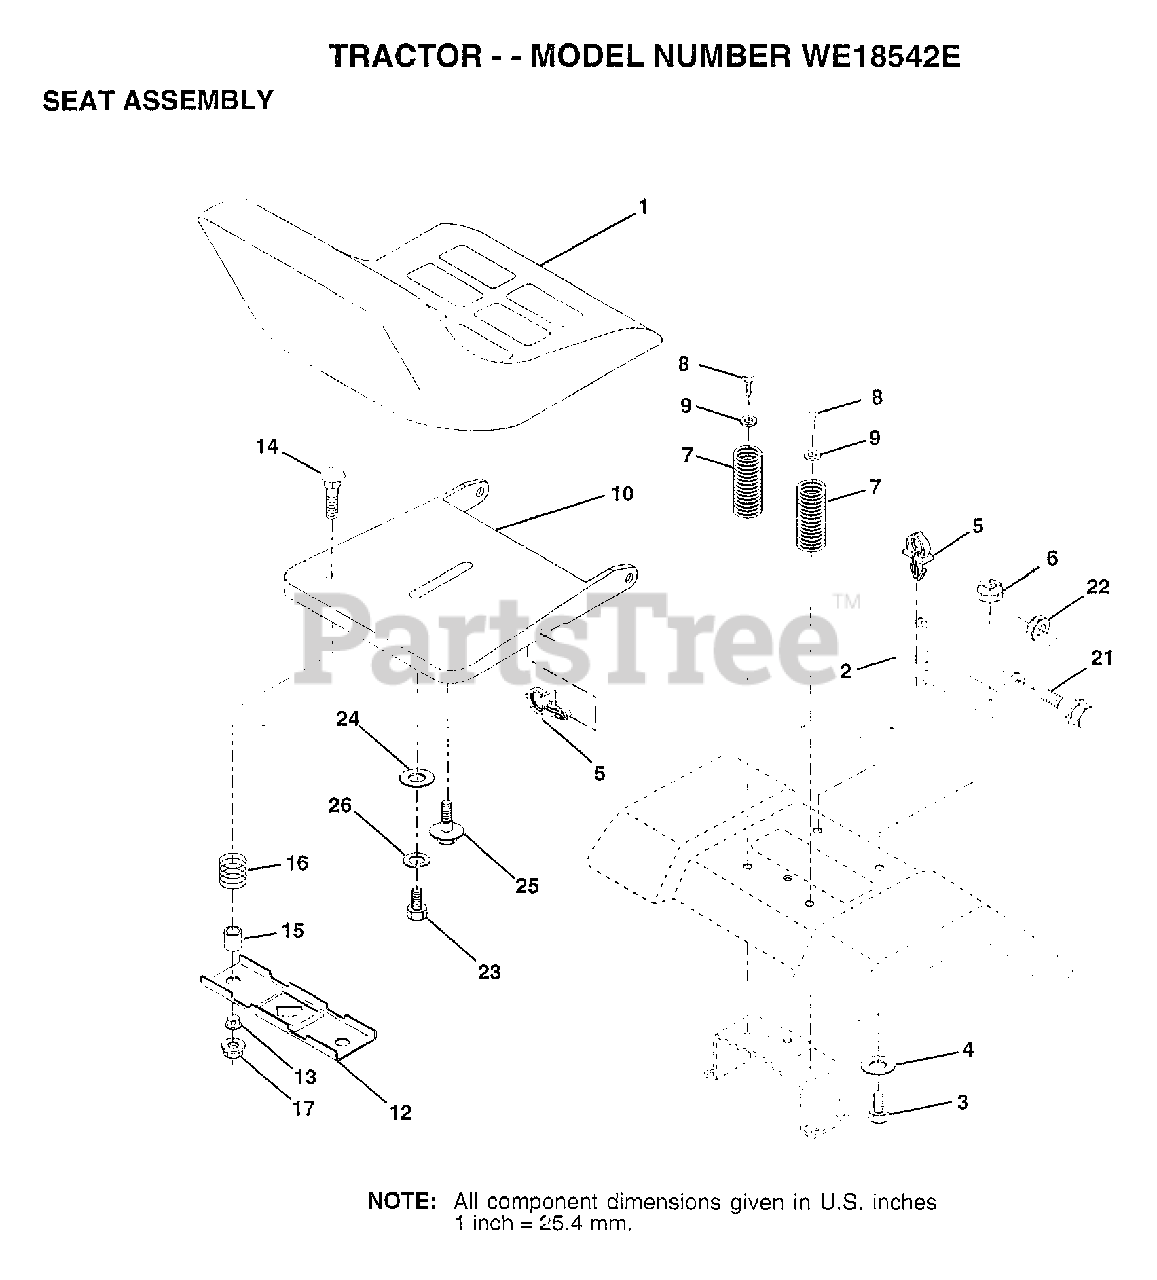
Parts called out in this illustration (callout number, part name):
2	BRACKET PVT SEAT
3	BOLT
4	WASHER PM
5	CLIP.PUSH-IN.HING
6	NUT
7	SPRING COMPRESSIO
8	SCREW GTV
9	WASHER
10	PAN-SEAT
12	BRKT SWITCH
13	BUSHING
14	BOLT-RD HD SQ NK
15	SPLIT SPACER
16	SPRING
21	"BOLT,SHOULDER"
22	NUT
23	BOLT
24	WASHER
25	"BOLT,SHOULDER"
26	LOCKWASHER
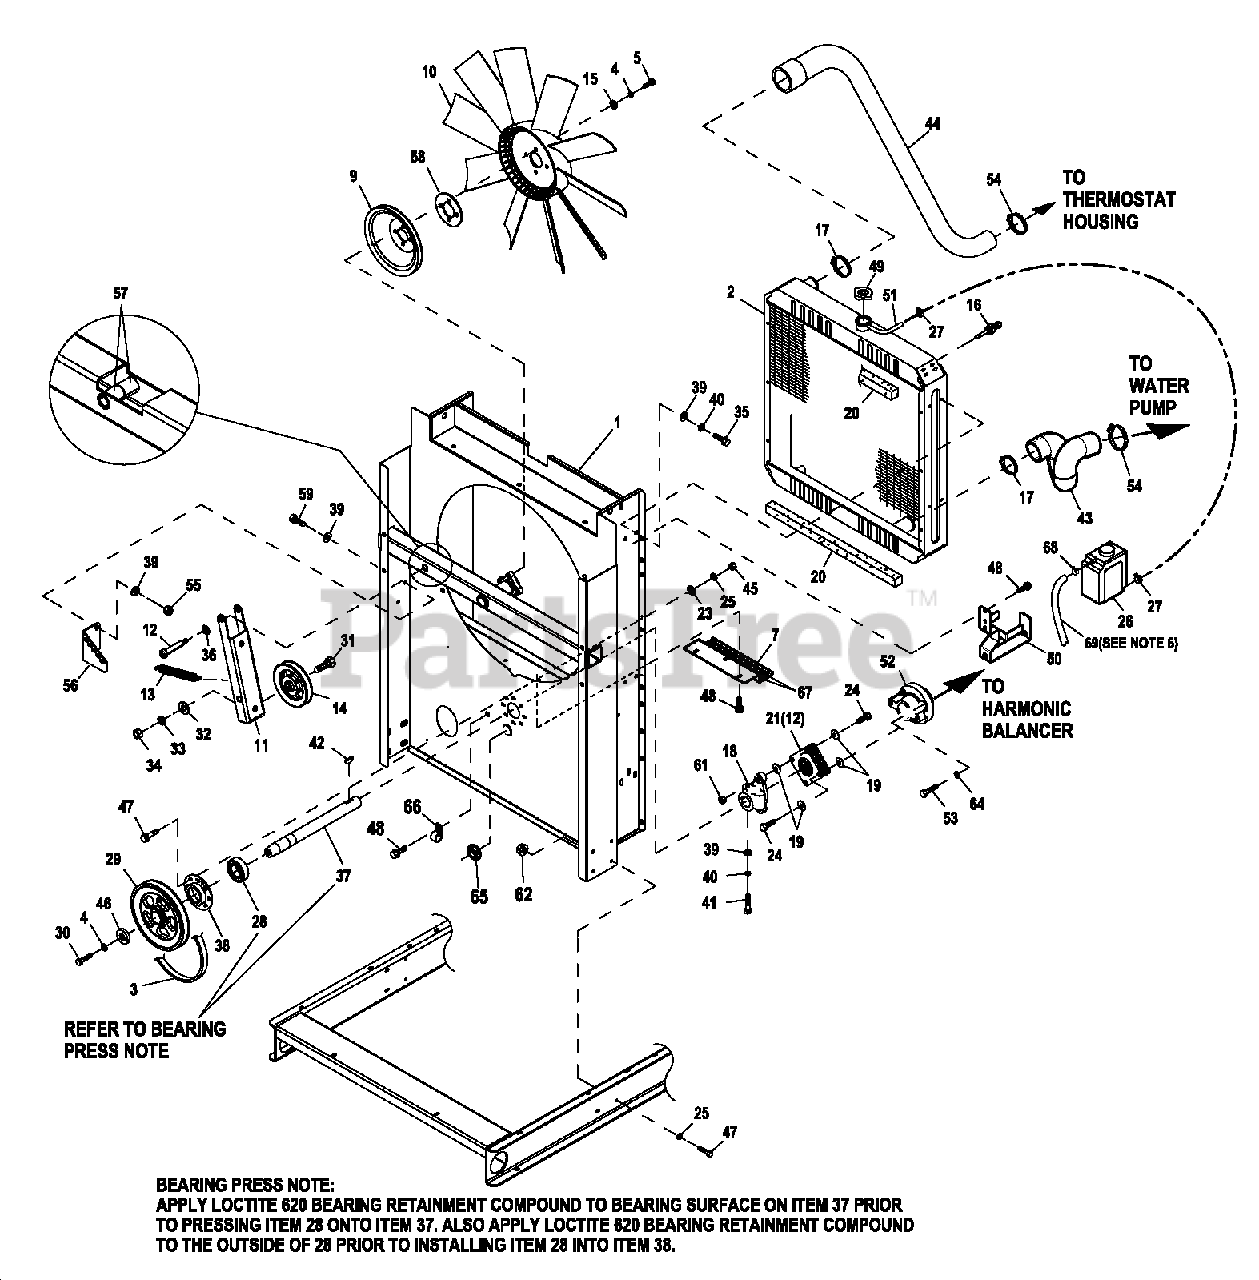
----
→ **Work request**:
Your output should be the full set of entries above, restated word for word and free of pictures.

→ **Output for this exercise**:
Parts called out in this illustration (callout number, part name):
2	BRACKET PVT SEAT
3	BOLT
4	WASHER PM
5	CLIP.PUSH-IN.HING
6	NUT
7	SPRING COMPRESSIO
8	SCREW GTV
9	WASHER
10	PAN-SEAT
12	BRKT SWITCH
13	BUSHING
14	BOLT-RD HD SQ NK
15	SPLIT SPACER
16	SPRING
21	"BOLT,SHOULDER"
22	NUT
23	BOLT
24	WASHER
25	"BOLT,SHOULDER"
26	LOCKWASHER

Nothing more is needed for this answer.